= Problem =
Every line of the data that includes "import" should be copied out.

= Data to examine =
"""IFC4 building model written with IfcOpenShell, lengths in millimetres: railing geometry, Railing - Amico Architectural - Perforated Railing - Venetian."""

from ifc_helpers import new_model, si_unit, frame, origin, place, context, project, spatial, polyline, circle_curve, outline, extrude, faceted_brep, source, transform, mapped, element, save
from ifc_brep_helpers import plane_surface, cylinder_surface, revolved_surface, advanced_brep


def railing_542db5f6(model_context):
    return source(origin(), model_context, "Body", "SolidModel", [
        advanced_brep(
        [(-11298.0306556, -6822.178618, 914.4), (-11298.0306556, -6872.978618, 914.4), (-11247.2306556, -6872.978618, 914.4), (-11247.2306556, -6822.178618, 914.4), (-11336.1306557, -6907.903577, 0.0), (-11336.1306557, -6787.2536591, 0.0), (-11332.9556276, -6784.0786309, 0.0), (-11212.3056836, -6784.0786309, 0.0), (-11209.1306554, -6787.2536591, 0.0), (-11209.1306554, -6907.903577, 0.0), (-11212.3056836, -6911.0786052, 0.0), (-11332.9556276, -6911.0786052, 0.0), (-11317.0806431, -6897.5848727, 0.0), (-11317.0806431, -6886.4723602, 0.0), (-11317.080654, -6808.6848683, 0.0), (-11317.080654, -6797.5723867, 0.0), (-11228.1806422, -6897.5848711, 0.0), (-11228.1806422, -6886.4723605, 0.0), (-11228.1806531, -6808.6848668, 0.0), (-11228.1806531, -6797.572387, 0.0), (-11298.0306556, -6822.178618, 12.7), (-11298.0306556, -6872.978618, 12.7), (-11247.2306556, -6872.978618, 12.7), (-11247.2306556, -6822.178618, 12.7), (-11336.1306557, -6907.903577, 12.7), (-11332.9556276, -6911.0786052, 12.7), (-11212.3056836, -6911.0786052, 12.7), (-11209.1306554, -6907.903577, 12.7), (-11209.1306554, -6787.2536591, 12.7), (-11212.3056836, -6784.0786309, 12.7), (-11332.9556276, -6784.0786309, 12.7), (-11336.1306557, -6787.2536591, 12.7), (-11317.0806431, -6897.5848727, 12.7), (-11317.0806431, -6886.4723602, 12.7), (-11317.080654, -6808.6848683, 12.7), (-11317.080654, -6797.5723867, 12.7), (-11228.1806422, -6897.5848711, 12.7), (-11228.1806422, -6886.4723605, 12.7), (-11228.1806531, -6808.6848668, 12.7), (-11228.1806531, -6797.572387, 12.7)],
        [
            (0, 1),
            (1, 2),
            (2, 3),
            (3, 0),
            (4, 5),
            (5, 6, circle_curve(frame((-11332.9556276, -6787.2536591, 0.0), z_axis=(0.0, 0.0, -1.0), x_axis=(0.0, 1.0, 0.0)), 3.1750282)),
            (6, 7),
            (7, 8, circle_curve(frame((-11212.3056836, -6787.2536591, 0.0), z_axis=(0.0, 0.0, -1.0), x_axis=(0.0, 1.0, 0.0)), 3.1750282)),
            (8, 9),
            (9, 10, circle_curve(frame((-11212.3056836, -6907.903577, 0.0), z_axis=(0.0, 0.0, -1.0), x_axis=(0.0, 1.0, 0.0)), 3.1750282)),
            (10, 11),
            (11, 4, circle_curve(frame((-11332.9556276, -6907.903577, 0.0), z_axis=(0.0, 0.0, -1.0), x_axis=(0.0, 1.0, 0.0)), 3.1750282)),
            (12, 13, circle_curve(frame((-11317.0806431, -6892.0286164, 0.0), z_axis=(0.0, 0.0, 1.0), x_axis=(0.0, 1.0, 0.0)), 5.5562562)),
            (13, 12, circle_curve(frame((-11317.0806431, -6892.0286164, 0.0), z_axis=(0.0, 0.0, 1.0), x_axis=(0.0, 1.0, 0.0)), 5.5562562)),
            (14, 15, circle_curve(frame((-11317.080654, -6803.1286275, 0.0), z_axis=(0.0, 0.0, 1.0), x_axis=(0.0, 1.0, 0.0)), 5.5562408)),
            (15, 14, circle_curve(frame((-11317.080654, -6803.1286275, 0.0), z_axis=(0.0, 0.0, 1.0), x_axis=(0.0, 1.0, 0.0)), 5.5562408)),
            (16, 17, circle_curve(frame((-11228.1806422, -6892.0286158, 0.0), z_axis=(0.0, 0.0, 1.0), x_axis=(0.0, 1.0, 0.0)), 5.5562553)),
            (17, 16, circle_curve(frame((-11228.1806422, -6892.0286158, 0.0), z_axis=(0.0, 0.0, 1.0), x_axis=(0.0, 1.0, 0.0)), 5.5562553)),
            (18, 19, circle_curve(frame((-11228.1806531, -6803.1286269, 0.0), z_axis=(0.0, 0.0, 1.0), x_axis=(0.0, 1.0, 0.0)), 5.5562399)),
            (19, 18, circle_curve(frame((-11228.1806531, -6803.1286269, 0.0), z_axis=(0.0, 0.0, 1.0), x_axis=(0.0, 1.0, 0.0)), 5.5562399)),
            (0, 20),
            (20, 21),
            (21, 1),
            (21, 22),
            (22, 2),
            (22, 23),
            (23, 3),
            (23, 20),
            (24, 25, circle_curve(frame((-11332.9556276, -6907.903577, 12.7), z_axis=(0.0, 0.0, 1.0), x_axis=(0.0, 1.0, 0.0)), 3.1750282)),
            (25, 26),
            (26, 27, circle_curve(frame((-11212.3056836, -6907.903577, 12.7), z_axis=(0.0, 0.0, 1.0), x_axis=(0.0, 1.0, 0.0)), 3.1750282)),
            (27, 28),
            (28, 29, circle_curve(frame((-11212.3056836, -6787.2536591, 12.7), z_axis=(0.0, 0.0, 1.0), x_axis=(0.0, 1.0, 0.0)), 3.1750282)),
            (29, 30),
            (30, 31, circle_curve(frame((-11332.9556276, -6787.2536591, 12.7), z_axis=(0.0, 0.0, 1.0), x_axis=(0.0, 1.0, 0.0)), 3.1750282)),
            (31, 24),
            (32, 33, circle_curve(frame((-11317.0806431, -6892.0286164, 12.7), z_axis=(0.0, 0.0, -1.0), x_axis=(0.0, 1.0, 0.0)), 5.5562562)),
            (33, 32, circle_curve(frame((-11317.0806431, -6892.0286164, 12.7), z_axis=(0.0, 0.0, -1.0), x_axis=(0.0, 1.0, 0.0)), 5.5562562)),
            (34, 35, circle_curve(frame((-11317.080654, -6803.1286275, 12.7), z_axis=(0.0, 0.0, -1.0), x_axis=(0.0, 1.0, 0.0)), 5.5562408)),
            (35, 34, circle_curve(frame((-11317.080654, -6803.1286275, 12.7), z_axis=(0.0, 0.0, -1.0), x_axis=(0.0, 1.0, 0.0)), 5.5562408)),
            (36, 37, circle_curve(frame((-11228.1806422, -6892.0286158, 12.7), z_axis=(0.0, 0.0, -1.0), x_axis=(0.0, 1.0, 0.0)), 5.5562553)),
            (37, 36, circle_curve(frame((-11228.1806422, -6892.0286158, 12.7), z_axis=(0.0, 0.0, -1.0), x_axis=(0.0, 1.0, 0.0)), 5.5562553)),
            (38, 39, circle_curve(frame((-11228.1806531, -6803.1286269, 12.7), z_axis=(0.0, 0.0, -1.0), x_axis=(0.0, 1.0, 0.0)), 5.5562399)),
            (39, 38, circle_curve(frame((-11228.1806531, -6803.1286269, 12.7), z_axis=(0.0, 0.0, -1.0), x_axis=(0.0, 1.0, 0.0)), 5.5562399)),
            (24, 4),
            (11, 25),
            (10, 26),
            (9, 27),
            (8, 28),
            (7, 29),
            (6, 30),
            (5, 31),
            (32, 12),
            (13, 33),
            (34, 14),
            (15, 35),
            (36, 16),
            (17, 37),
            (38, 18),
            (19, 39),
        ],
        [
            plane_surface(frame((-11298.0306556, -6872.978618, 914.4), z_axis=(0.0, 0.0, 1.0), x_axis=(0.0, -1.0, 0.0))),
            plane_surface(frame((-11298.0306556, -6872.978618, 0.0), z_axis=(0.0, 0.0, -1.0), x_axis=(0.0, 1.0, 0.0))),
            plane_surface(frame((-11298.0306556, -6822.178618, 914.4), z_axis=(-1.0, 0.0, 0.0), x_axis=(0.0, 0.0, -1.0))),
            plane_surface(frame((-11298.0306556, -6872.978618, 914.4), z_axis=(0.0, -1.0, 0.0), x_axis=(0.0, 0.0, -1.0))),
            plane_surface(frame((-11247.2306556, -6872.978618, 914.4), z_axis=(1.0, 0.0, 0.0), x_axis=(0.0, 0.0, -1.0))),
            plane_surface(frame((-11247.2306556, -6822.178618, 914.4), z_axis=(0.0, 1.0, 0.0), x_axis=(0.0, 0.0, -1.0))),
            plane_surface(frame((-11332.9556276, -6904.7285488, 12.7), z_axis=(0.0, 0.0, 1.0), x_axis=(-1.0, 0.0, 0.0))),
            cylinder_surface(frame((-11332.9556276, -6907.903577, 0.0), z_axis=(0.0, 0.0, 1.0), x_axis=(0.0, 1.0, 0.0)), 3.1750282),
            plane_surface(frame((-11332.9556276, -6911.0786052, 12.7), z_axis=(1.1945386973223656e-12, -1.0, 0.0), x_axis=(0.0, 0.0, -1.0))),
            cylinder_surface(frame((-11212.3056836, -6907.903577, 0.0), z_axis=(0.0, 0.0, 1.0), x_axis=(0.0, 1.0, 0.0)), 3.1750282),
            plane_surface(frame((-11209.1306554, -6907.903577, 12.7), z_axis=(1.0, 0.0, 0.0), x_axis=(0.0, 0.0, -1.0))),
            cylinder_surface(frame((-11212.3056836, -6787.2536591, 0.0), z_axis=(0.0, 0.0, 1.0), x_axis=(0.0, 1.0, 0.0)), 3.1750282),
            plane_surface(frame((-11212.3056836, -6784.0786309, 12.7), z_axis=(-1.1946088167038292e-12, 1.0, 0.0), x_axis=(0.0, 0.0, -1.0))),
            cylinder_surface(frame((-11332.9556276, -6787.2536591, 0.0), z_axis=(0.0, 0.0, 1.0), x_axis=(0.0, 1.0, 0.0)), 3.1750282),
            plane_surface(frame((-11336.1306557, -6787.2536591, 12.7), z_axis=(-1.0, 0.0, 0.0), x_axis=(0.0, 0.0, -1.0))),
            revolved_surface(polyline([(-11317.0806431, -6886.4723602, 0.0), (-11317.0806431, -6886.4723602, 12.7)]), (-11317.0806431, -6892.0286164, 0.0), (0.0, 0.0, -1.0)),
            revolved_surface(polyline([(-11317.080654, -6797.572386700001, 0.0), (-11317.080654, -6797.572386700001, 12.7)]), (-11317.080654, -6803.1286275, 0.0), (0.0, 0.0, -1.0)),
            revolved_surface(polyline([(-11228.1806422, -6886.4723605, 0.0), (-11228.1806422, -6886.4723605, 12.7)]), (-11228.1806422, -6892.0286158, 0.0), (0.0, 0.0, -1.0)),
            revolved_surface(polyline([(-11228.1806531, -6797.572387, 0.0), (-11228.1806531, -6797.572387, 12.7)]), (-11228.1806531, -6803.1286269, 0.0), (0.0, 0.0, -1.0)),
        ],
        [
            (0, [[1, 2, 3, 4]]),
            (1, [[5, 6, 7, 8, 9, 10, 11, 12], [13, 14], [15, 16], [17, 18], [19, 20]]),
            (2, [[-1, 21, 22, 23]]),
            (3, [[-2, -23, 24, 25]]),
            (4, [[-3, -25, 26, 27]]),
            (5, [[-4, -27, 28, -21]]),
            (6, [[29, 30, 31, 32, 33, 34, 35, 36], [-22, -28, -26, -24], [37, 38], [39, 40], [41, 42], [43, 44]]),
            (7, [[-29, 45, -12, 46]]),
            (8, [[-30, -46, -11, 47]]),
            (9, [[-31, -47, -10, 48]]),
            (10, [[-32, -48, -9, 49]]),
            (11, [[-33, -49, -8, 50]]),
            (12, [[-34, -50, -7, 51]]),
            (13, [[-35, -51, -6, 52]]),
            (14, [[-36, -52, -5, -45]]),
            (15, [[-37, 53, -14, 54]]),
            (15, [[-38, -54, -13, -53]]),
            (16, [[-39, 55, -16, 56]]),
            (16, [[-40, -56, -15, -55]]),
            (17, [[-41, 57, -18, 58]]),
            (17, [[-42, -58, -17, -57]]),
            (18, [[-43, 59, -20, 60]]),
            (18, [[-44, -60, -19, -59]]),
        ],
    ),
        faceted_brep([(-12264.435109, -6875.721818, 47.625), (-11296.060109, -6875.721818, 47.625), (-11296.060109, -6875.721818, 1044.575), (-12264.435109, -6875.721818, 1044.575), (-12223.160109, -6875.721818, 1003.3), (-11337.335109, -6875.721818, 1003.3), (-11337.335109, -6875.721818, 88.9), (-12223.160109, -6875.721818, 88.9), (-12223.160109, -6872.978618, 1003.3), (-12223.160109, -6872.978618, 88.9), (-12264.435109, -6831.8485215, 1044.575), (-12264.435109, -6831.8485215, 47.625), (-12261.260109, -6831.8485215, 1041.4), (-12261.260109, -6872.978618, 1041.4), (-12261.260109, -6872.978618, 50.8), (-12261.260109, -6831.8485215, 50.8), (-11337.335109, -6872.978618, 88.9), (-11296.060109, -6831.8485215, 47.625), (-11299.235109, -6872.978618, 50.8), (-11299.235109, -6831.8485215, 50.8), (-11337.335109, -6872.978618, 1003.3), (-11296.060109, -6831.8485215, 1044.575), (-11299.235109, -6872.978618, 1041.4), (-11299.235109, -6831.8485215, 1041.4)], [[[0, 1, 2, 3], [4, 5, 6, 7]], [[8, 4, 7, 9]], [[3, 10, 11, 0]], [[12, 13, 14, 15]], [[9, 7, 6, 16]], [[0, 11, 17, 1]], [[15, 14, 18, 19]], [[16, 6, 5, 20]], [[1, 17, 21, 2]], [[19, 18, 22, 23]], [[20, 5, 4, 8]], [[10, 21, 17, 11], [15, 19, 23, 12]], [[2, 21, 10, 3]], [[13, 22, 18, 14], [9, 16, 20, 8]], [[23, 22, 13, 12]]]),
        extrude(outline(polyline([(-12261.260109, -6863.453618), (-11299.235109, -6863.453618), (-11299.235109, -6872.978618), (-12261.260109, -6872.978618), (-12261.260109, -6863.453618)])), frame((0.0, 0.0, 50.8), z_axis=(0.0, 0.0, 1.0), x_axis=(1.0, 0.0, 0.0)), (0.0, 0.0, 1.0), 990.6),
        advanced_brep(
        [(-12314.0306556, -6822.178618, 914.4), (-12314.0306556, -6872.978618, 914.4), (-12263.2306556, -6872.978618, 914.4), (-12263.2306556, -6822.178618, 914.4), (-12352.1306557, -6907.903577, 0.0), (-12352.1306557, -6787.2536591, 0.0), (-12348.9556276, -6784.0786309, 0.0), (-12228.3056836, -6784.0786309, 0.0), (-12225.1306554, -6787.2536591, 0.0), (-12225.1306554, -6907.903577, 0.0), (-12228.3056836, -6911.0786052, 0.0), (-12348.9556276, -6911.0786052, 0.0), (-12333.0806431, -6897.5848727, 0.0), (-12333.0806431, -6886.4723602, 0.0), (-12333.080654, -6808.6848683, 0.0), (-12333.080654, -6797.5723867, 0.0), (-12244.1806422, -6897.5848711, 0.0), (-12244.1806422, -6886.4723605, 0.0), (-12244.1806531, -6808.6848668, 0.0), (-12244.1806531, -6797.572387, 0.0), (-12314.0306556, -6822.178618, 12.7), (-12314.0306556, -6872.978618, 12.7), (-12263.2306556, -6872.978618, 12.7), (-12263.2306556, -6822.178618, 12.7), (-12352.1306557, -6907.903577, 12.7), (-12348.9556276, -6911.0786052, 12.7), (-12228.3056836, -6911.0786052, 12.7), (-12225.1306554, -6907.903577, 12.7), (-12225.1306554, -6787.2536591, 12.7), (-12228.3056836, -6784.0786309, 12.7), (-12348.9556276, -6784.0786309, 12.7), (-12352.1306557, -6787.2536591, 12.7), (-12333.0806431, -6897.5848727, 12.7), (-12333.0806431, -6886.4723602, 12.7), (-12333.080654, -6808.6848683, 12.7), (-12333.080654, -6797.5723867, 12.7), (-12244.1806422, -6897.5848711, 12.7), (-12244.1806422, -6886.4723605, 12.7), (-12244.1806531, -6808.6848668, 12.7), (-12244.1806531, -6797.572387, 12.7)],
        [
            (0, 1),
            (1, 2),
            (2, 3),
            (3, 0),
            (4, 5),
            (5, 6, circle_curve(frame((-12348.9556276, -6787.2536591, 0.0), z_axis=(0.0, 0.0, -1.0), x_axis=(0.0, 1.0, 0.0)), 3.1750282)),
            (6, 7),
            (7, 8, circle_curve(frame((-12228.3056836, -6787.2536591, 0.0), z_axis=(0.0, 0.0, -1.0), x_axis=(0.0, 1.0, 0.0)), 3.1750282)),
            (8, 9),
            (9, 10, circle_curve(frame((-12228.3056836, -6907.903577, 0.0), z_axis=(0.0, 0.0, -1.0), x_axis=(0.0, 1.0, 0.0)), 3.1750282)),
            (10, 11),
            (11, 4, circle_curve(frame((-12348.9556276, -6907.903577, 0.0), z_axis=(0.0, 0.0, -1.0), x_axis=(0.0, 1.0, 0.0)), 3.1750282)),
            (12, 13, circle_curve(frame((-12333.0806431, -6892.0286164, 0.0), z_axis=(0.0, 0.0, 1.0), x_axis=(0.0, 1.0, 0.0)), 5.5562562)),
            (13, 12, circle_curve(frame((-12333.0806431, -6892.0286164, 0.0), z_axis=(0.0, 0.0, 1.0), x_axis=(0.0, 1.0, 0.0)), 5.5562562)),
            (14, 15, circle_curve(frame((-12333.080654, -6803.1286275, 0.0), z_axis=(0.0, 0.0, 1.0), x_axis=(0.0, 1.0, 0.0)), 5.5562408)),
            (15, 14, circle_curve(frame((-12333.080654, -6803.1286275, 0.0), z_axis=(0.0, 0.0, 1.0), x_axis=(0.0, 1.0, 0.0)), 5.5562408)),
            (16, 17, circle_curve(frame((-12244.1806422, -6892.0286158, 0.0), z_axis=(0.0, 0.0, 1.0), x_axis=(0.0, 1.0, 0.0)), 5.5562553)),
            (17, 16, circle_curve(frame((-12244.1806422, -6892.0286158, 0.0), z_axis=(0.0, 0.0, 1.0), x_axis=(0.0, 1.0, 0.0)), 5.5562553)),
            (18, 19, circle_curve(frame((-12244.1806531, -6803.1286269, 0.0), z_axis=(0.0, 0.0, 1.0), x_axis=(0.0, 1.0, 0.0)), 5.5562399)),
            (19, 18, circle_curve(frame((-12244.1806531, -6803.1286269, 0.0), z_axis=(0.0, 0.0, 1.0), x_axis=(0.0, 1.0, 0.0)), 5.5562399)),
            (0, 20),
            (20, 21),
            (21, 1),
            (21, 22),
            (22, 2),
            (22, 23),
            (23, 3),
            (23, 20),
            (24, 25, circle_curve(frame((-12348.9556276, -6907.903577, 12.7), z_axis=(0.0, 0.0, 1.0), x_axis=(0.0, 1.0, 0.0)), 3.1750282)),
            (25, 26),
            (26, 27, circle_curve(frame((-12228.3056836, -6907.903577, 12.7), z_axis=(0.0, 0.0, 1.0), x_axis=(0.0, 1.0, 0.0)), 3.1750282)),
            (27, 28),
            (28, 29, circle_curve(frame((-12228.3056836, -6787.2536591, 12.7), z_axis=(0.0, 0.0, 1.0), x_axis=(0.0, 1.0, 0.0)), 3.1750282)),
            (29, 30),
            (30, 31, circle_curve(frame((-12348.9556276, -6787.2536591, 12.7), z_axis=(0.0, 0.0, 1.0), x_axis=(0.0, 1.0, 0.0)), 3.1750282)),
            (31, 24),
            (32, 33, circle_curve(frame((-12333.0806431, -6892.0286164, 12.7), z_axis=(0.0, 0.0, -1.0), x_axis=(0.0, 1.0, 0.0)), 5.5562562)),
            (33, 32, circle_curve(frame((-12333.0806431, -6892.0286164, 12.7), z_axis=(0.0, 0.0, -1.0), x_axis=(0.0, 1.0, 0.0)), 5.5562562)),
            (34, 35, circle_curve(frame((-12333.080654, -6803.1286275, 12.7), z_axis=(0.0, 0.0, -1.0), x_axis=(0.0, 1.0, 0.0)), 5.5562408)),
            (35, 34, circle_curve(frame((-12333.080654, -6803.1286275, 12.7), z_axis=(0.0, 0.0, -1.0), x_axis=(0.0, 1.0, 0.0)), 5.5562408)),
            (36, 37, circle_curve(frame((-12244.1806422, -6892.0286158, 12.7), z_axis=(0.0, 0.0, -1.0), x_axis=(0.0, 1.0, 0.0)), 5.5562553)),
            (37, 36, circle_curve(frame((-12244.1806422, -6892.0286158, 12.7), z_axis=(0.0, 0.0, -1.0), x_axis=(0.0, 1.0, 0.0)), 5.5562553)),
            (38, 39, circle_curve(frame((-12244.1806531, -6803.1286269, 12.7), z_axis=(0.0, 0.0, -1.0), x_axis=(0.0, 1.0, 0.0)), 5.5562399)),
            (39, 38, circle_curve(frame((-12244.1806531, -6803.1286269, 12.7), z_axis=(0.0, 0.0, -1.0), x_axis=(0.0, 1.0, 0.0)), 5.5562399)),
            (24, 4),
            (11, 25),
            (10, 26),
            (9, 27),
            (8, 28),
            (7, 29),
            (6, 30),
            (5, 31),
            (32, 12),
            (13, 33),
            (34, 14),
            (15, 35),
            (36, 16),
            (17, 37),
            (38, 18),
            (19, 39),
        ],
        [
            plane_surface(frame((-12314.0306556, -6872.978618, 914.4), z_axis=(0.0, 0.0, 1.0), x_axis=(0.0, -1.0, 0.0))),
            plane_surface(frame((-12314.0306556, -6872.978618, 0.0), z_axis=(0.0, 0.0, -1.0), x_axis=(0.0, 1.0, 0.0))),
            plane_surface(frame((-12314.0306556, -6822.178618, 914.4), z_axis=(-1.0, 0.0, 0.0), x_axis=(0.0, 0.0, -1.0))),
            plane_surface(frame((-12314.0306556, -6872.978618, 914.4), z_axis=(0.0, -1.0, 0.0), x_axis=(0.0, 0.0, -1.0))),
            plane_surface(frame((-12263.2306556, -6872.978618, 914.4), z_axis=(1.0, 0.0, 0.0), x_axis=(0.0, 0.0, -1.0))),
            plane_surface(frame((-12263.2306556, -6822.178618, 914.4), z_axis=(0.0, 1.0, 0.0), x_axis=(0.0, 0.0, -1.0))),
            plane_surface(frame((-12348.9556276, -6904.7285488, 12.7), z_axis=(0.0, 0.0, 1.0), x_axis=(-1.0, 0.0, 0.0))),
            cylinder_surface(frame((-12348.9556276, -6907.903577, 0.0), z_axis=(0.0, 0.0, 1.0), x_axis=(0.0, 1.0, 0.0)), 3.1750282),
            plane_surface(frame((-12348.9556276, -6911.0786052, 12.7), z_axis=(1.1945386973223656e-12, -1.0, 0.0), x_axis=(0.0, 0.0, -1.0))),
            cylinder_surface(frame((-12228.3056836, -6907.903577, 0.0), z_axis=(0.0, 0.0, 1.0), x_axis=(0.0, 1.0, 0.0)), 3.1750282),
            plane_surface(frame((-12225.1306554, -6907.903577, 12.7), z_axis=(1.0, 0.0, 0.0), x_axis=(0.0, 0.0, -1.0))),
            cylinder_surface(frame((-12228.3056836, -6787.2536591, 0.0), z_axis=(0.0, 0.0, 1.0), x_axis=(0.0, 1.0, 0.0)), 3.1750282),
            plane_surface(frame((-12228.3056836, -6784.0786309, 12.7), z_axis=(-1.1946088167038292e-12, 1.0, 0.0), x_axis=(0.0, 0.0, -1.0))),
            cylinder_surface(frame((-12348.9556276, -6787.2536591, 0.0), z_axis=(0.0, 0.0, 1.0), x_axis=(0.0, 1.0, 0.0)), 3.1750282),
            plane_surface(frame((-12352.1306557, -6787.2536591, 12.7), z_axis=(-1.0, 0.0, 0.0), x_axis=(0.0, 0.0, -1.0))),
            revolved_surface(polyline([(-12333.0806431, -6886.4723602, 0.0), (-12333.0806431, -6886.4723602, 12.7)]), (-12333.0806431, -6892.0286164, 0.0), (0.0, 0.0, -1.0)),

= Result of the task =
from ifc_helpers import new_model, si_unit, frame, origin, place, context, project, spatial, polyline, circle_curve, outline, extrude, faceted_brep, source, transform, mapped, element, save
from ifc_brep_helpers import plane_surface, cylinder_surface, revolved_surface, advanced_brep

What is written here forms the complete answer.